> **Data under study**:

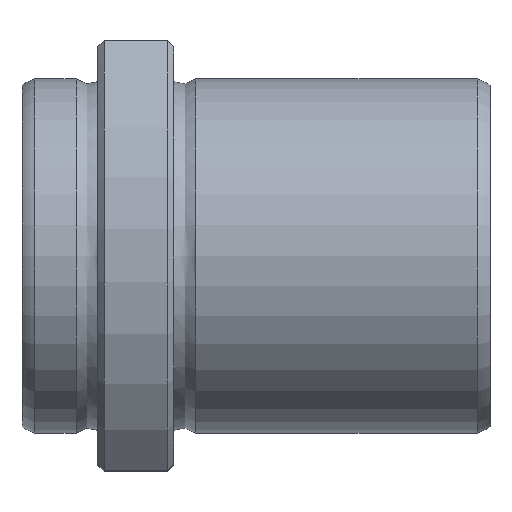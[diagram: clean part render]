
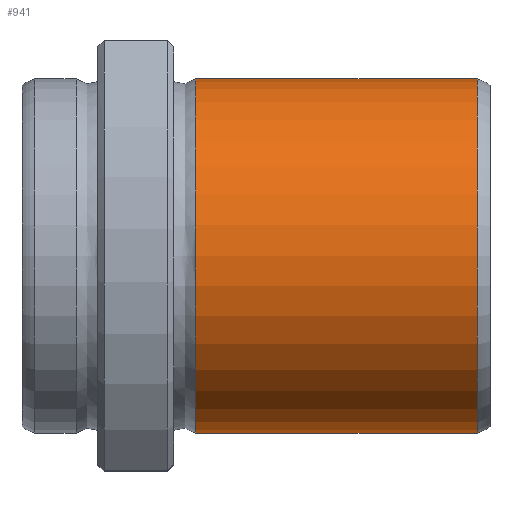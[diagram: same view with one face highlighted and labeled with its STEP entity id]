
A CAD part, top view. The second image highlights one B-rep face of the part: STEP entity #941.
In plain terms, the highlighted cylindrical face has radius 14 mm (diameter 28 mm), a full revolution.
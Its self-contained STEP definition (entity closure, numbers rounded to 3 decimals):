
#907=CARTESIAN_POINT('',(35.999,0.0,14.));
#908=VERTEX_POINT('',#907);
#909=CARTESIAN_POINT('',(35.999,0.0,0.0));
#910=DIRECTION('',(-1.0,0.0,0.0));
#911=DIRECTION('',(0.0,0.0,1.0));
#912=AXIS2_PLACEMENT_3D('',#909,#910,#911);
#913=CIRCLE('',#912,14.);
#914=EDGE_CURVE('',#908,#908,#913,.T.);
#922=CARTESIAN_POINT('',(24.859,0.0,0.0));
#923=DIRECTION('',(-1.0,0.0,0.0));
#924=DIRECTION('',(0.0,0.0,1.0));
#925=AXIS2_PLACEMENT_3D('',#922,#923,#924);
#926=CYLINDRICAL_SURFACE('',#925,14.);
#927=CARTESIAN_POINT('',(13.72,0.0,14.));
#928=VERTEX_POINT('',#927);
#929=CARTESIAN_POINT('',(13.72,0.0,0.0));
#930=DIRECTION('',(-1.0,0.0,0.0));
#931=DIRECTION('',(0.0,0.0,1.0));
#932=AXIS2_PLACEMENT_3D('',#929,#930,#931);
#933=CIRCLE('',#932,14.);
#934=EDGE_CURVE('',#928,#928,#933,.T.);
#935=ORIENTED_EDGE('',*,*,#934,.F.);
#936=EDGE_LOOP('',(#935));
#937=FACE_OUTER_BOUND('',#936,.T.);
#938=ORIENTED_EDGE('',*,*,#914,.T.);
#939=EDGE_LOOP('',(#938));
#940=FACE_BOUND('',#939,.T.);
#941=ADVANCED_FACE('',(#937,#940),#926,.T.);

> **Exercise prompt**: Pictures stay out; everything else in the records gets copied exactly.

> **Problem solution**:
[diagram: clean part render]
[diagram: same view with one face highlighted and labeled with its STEP entity id]
A CAD part, top view. The second image highlights one B-rep face of the part: STEP entity #941.
In plain terms, the highlighted cylindrical face has radius 14 mm (diameter 28 mm), a full revolution.
Its self-contained STEP definition (entity closure, numbers rounded to 3 decimals):
#907=CARTESIAN_POINT('',(35.999,0.0,14.));
#908=VERTEX_POINT('',#907);
#909=CARTESIAN_POINT('',(35.999,0.0,0.0));
#910=DIRECTION('',(-1.0,0.0,0.0));
#911=DIRECTION('',(0.0,0.0,1.0));
#912=AXIS2_PLACEMENT_3D('',#909,#910,#911);
#913=CIRCLE('',#912,14.);
#914=EDGE_CURVE('',#908,#908,#913,.T.);
#922=CARTESIAN_POINT('',(24.859,0.0,0.0));
#923=DIRECTION('',(-1.0,0.0,0.0));
#924=DIRECTION('',(0.0,0.0,1.0));
#925=AXIS2_PLACEMENT_3D('',#922,#923,#924);
#926=CYLINDRICAL_SURFACE('',#925,14.);
#927=CARTESIAN_POINT('',(13.72,0.0,14.));
#928=VERTEX_POINT('',#927);
#929=CARTESIAN_POINT('',(13.72,0.0,0.0));
#930=DIRECTION('',(-1.0,0.0,0.0));
#931=DIRECTION('',(0.0,0.0,1.0));
#932=AXIS2_PLACEMENT_3D('',#929,#930,#931);
#933=CIRCLE('',#932,14.);
#934=EDGE_CURVE('',#928,#928,#933,.T.);
#935=ORIENTED_EDGE('',*,*,#934,.F.);
#936=EDGE_LOOP('',(#935));
#937=FACE_OUTER_BOUND('',#936,.T.);
#938=ORIENTED_EDGE('',*,*,#914,.T.);
#939=EDGE_LOOP('',(#938));
#940=FACE_BOUND('',#939,.T.);
#941=ADVANCED_FACE('',(#937,#940),#926,.T.);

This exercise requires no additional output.